_Aim of the task_: What's needed is an exact retyping of the lines from the start of the listing up to and including the line with "#14308=CARTESIAN_POINT('',(0.315,0.09706,0.78222));", minus any pictures.

** Opening The records block **

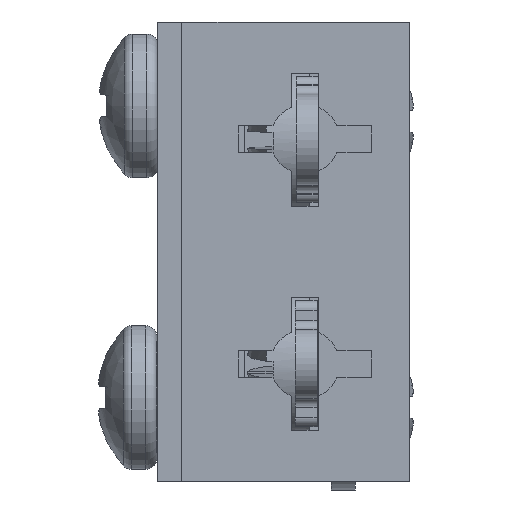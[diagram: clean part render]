
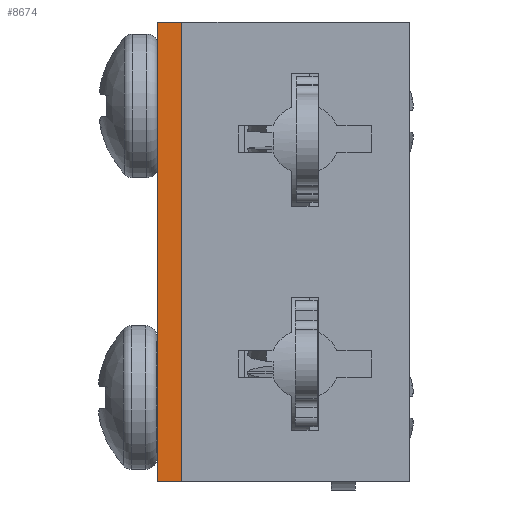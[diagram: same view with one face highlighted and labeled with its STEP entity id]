
A CAD part, left-side view. The second image highlights one B-rep face of the part: STEP entity #8674.
In plain terms, the highlighted planar face has unit normal (-1, 0, 0) as drawn and (0, 0, 1) by its records, which use the part's own axes.
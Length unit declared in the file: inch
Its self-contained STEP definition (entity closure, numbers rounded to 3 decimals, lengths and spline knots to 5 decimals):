
#1274=FACE_OUTER_BOUND('',#1798,.T.);
#1798=EDGE_LOOP('',(#7257,#7258,#7259,#7260));
#2521=LINE('',#14308,#3255);
#2524=LINE('',#14313,#3258);
#2526=LINE('',#14317,#3260);
#2529=LINE('',#14321,#3263);
#3255=VECTOR('',#11681,0.3937);
#3258=VECTOR('',#11686,0.3937);
#3260=VECTOR('',#11690,0.3937);
#3263=VECTOR('',#11695,0.3937);
#3991=VERTEX_POINT('',#14305);
#3992=VERTEX_POINT('',#14307);
#3993=VERTEX_POINT('',#14312);
#3994=VERTEX_POINT('',#14316);
#5121=EDGE_CURVE('',#3992,#3991,#2521,.T.);
#5124=EDGE_CURVE('',#3993,#3992,#2524,.T.);
#5126=EDGE_CURVE('',#3994,#3993,#2526,.T.);
#5129=EDGE_CURVE('',#3991,#3994,#2529,.T.);
#7257=ORIENTED_EDGE('',*,*,#5129,.T.);
#7258=ORIENTED_EDGE('',*,*,#5126,.T.);
#7259=ORIENTED_EDGE('',*,*,#5124,.T.);
#7260=ORIENTED_EDGE('',*,*,#5121,.T.);
#8296=PLANE('',#9643);
#8674=ADVANCED_FACE('',(#1274),#8296,.T.);
#9643=AXIS2_PLACEMENT_3D('',#14322,#11696,#11697);
#11681=DIRECTION('',(0.,1.,0.));
#11686=DIRECTION('',(1.,0.,0.));
#11690=DIRECTION('',(0.,-1.,0.));
#11695=DIRECTION('',(-1.,0.,0.));
#11696=DIRECTION('center_axis',(0.,0.,1.));
#11697=DIRECTION('ref_axis',(1.,0.,0.));
#14305=CARTESIAN_POINT('',(0.315,0.13006,0.78222));
#14307=CARTESIAN_POINT('',(0.315,0.09706,0.78222));
#14308=CARTESIAN_POINT('',(0.315,0.09706,0.78222));
#14312=CARTESIAN_POINT('',(-0.315,0.09706,0.78222));
#14313=CARTESIAN_POINT('',(-0.315,0.09706,0.78222));
#14316=CARTESIAN_POINT('',(-0.315,0.13006,0.78222));
#14317=CARTESIAN_POINT('',(-0.315,0.13006,0.78222));
#14321=CARTESIAN_POINT('',(0.315,0.13006,0.78222));
#14322=CARTESIAN_POINT('Origin',(0.,0.11356,
0.78222));

** Closing The records block **

_Response area_:
[diagram: clean part render]
[diagram: same view with one face highlighted and labeled with its STEP entity id]
A CAD part, left-side view. The second image highlights one B-rep face of the part: STEP entity #8674.
In plain terms, the highlighted planar face has unit normal (-1, 0, 0) as drawn and (0, 0, 1) by its records, which use the part's own axes.
Length unit declared in the file: inch
Its self-contained STEP definition (entity closure, numbers rounded to 3 decimals, lengths and spline knots to 5 decimals):
#1274=FACE_OUTER_BOUND('',#1798,.T.);
#1798=EDGE_LOOP('',(#7257,#7258,#7259,#7260));
#2521=LINE('',#14308,#3255);
#2524=LINE('',#14313,#3258);
#2526=LINE('',#14317,#3260);
#2529=LINE('',#14321,#3263);
#3255=VECTOR('',#11681,0.3937);
#3258=VECTOR('',#11686,0.3937);
#3260=VECTOR('',#11690,0.3937);
#3263=VECTOR('',#11695,0.3937);
#3991=VERTEX_POINT('',#14305);
#3992=VERTEX_POINT('',#14307);
#3993=VERTEX_POINT('',#14312);
#3994=VERTEX_POINT('',#14316);
#5121=EDGE_CURVE('',#3992,#3991,#2521,.T.);
#5124=EDGE_CURVE('',#3993,#3992,#2524,.T.);
#5126=EDGE_CURVE('',#3994,#3993,#2526,.T.);
#5129=EDGE_CURVE('',#3991,#3994,#2529,.T.);
#7257=ORIENTED_EDGE('',*,*,#5129,.T.);
#7258=ORIENTED_EDGE('',*,*,#5126,.T.);
#7259=ORIENTED_EDGE('',*,*,#5124,.T.);
#7260=ORIENTED_EDGE('',*,*,#5121,.T.);
#8296=PLANE('',#9643);
#8674=ADVANCED_FACE('',(#1274),#8296,.T.);
#9643=AXIS2_PLACEMENT_3D('',#14322,#11696,#11697);
#11681=DIRECTION('',(0.,1.,0.));
#11686=DIRECTION('',(1.,0.,0.));
#11690=DIRECTION('',(0.,-1.,0.));
#11695=DIRECTION('',(-1.,0.,0.));
#11696=DIRECTION('center_axis',(0.,0.,1.));
#11697=DIRECTION('ref_axis',(1.,0.,0.));
#14305=CARTESIAN_POINT('',(0.315,0.13006,0.78222));
#14307=CARTESIAN_POINT('',(0.315,0.09706,0.78222));
#14308=CARTESIAN_POINT('',(0.315,0.09706,0.78222));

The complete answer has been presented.